Material-Compliance in der Verpackungsindustrie neu denken
Im Zentrum der Lösung stehen die automatisierte Extraktion und Strukturierung regulatorisch relevanter Informationen aus Dokumenten – unabhängig davon, wie diese vorliegen. Die Software Pyx verarbeitet klassische PDFs ebenso wie gescannte Unterlagen, historisch gewachsene Spezifikationen oder Dokumente mit handschriftlichen Ergänzungen. Dabei geht es bewusst nicht um reine Texterkennung. Die Dokumente durchlaufen vielmehr eine Vielzahl aufeinander abgestimmter Prozessschritte: von OCR über Layout- und Tabellenanalyse bis hin zu semantischer Kontextbewertung.

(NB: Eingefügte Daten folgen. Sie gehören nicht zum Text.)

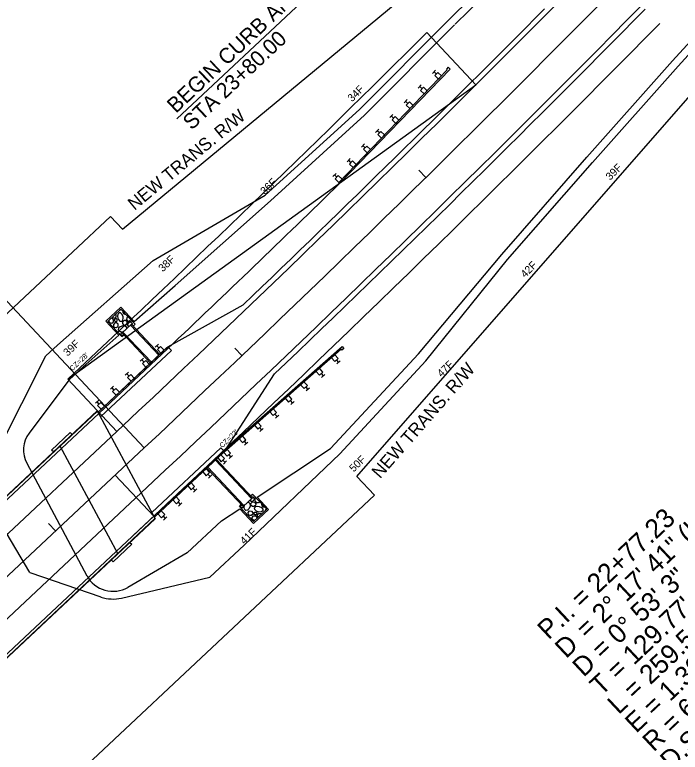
# Model space of a CAD drawing. Extents: x 1623239 to 1625698, y 1118659 to 1120751.
# Drawn here: x 1624416.9 to 1624676.8, y 1119574.5 to 1119862.6 of the extents above; entities that cross this region are included whole.
import ezdxf

# ---------------------------------------------------------------- set-up
doc = ezdxf.new("R2010")
doc.units = 0
for name, color, linetype in [('BR_CONCRETE', 7, 'Continuous'), ('BR_PROPOSED_TRAVELWAY', 7, 'Continuous'), ('Default', 7, 'Continuous'), ('Drainage-Trench', 7, 'Continuous'), ('RD_HC_CL_Rel', 7, 'Continuous'), ('RD_HC_Data', 7, 'Continuous'), ('RD_HC_Data_Tic', 7, 'Continuous'), ('RD_PD_BOC', 7, 'Continuous'), ('RD_PD_CstnLmt', 7, 'Continuous'), ('RD_PD_CstnLmt_TX', 7, 'Continuous'), ('RD_PD_DR_ErosCtrl', 7, 'Continuous'), ('RD_PD_Final_TrvlWay', 7, 'Continuous'), ('RD_PD_Final_TX', 7, 'Continuous'), ('RD_PD_GR', 7, 'Continuous'), ('RD_PD_PaveDit', 7, 'Continuous'), ('RD_PD_PaveShd', 7, 'Continuous'), ('RD_PD_RW', 7, 'Continuous'), ('RD_Sketch8', 7, 'Continuous')]:
    doc.layers.add(name, color=color, linetype=linetype)

# ---------------------------------------------------------------- blocks, each defined once
blk = doc.blocks.new('Guardrail_MTBBC3_Transition')
at = {"layer": 'RD_PD_GR'}
for p, q in [((3.525, 3.75), (1.775, 3.75)), ((2.65, 2.5), (2.65, 3.75)), ((11.525, 3.75), (9.775, 3.75)), ((10.65, 2.5), (10.65, 3.75)), ((19.525, 3.75), (17.775, 3.75)), ((18.65, 2.5), (18.65, 3.75)), ((27.525, 3.75), (25.775, 3.75)), ((26.65, 2.5), (26.65, 3.75)), ((35.525, 3.75), (33.775, 3.75)), ((34.65, 2.5), (34.65, 3.75)), ((37, 0.5), (0, 0.5)), ((0, 0.5), (0, 0)), ((0, 0), (37, 0)), ((1.775, 0.5), (1.775, 2.5)), ((1.775, 2.5), (3.525, 2.5)), ((3.525, 0.5), (1.775, 0.5)), ((3.525, 2.5), (3.525, 0.5)), ((9.775, 0.5), (9.775, 2.5)), ((9.775, 2.5), (11.525, 2.5)), ((11.525, 0.5), (9.775, 0.5)), ((11.525, 2.5), (11.525, 0.5)), ((17.775, 0.5), (17.775, 2.5)), ((17.775, 2.5), (19.525, 2.5)), ((19.525, 0.5), (17.775, 0.5)), ((19.525, 2.5), (19.525, 0.5)), ((25.775, 0.5), (25.775, 2.5)), ((25.775, 2.5), (27.525, 2.5)), ((27.525, 0.5), (25.775, 0.5)), ((27.525, 2.5), (27.525, 0.5)), ((30.65, 0.5), (30.65, 0)), ((33.775, 0.5), (33.775, 2.5)), ((33.775, 2.5), (35.525, 2.5)), ((35.525, 0.5), (33.775, 0.5)), ((35.525, 2.5), (35.525, 0.5)), ((37, 0), (37, 0.5))]:
    blk.add_line(p, q, dxfattribs=at)

msp = doc.modelspace()

# ---------------------------------------------------------------- linework, layer by layer
at = {"layer": 'BR_CONCRETE'}
for p, q in [((1624343.39, 1119608.68), (1624449.15, 1119707.87)), ((1624343.45, 1119608.57), (1624449.22, 1119707.76)), ((1624343.94, 1119607.65), (1624449.7, 1119706.85)), ((1624449.15, 1119707.87), (1624471.75, 1119665.66)), ((1624434.57, 1119694.19), (1624457.17, 1119651.98)), ((1624365.44, 1119567.5), (1624471.2, 1119666.69)), ((1624365.93, 1119566.58), (1624471.69, 1119665.77)), ((1624365.99, 1119566.47), (1624471.75, 1119665.66))]:
    msp.add_line(p, q, dxfattribs=at)
for points in [[(1624432.01, 1119691.8), (1624431.33, 1119692.53), (1624438.62, 1119699.37), (1624439.31, 1119698.64)], [(1624455.3, 1119648.85), (1624454.61, 1119649.58), (1624461.91, 1119656.42), (1624462.59, 1119655.69)]]:
    msp.add_lwpolyline(points, close=True, dxfattribs=at)
at = {"layer": 'BR_PROPOSED_TRAVELWAY'}
for p, q in [((1624348.83, 1119598.53), (1624454.59, 1119697.72)), ((1624360.55, 1119576.62), (1624466.32, 1119675.81))]:
    msp.add_line(p, q, dxfattribs=at)
at = {"layer": 'Default'}
msp.add_line((1624365.44, 1119567.5), (1624471.2, 1119666.69), dxfattribs=at)
at = {"layer": 'Drainage-Trench'}
for p, q in [((1624453.22, 1119742.79), (1624458.32, 1119747.58)), ((1624463.88, 1119741.65), (1624458.32, 1119747.58)), ((1624458.77, 1119736.86), (1624453.22, 1119742.79)), ((1624458.82, 1119738.28), (1624462.47, 1119741.7)), ((1624462.1, 1119741.36), (1624473.18, 1119729.54)), ((1624462.47, 1119741.7), (1624473.54, 1119729.89)), ((1624463.15, 1119740.97), (1624463.88, 1119741.65)), ((1624458.82, 1119738.28), (1624469.9, 1119726.47)), ((1624459.18, 1119738.62), (1624470.26, 1119726.81)), ((1624458.77, 1119736.86), (1624459.5, 1119737.55)), ((1624509.73, 1119673.87), (1624495.63, 1119688.91)), ((1624506.45, 1119670.79), (1624492.35, 1119685.83)), ((1624509.36, 1119673.53), (1624495.26, 1119688.56)), ((1624506.08, 1119670.45), (1624491.98, 1119685.49)), ((1624509.05, 1119674.6), (1624509.77, 1119675.28)), ((1624509.77, 1119675.28), (1624515.33, 1119669.36)), ((1624506.08, 1119670.45), (1624509.73, 1119673.87)), ((1624504.67, 1119670.5), (1624505.4, 1119671.18)), ((1624504.67, 1119670.5), (1624510.22, 1119664.57)), ((1624510.22, 1119664.57), (1624515.33, 1119669.36))]:
    msp.add_line(p, q, dxfattribs=at)
at = {"layer": 'RD_HC_CL_Rel'}
msp.add_line((1624334.12, 1119568.29), (1624467.48, 1119693.35), dxfattribs=at)
msp.add_arc((1620034.69, 1124419.96), 6480, 313.16267, 315.457254, dxfattribs=at)
at = {"layer": 'RD_HC_Data'}
msp.add_line((1624467.48, 1119693.35), (1624367.16, 1119800.32), dxfattribs=at)
at = {"layer": 'RD_HC_Data_Tic'}
for p, q in [((1624577.5, 1119799), (1624574.7, 1119801.85)), ((1624505.66, 1119729.45), (1624502.9, 1119732.34)), ((1624432.86, 1119660.89), (1624430.12, 1119663.8))]:
    msp.add_line(p, q, dxfattribs=at)
at = {"layer": 'RD_PD_BOC'}
for p, q in [((1624449.36, 1119707.21), (1624476.75, 1119732.89)), ((1624476.75, 1119732.89), (1624478.11, 1119731.43)), ((1624478.11, 1119731.43), (1624450.44, 1119705.48)), ((1624497.46, 1119693.37), (1624470.47, 1119668.06)), ((1624471.45, 1119666.23), (1624498.83, 1119691.91)), ((1624498.83, 1119691.91), (1624497.46, 1119693.37))]:
    msp.add_line(p, q, dxfattribs=at)
at = {"layer": 'RD_PD_CstnLmt'}
for p, q in [((1624588.92, 1119858.88), (1624612.6, 1119882.23)), ((1624673.75, 1119844.52), (1624707.3, 1119881.4)), ((1624553.56, 1119823.35), (1624588.65, 1119858.61)), ((1624640.29, 1119806.89), (1624673.75, 1119844.52)), ((1624516.75, 1119789.87), (1624553.56, 1119823.35)), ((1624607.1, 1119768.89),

Ein kontextsensitiver Layer bewertet Inhalte nicht isoliert, sondern im regulatorischen Zusammenhang. Damit verändert die Entwicklung den klassischen Prozess der Material-Compliance, der bislang die Basis für regulatorische Entscheidungen bildet, grundlegend. Wo Fachabteilungen heute häufig mehrere Stunden damit verbringen, umfangreiche Lieferantendokumente manuell zu sichten, zu vergleichen und zu interpretieren, übernimmt die Software diesen Prozess automatisiert innerhalb weniger Minuten. Die Auswertung erfolgt dabei nicht nur deutlich schneller, sondern auch konsistenter und qualitativ hochwertiger als bei der rein manuellen Analyse. So liest Pyx DoCs, TDS, SDS, technische Spezifikationen und weitere relevante Dokumenttypen ganzheitlich aus und leitet daraus strukturierte Aussagen zur Konformität gegenüber konkreten Regularien ab.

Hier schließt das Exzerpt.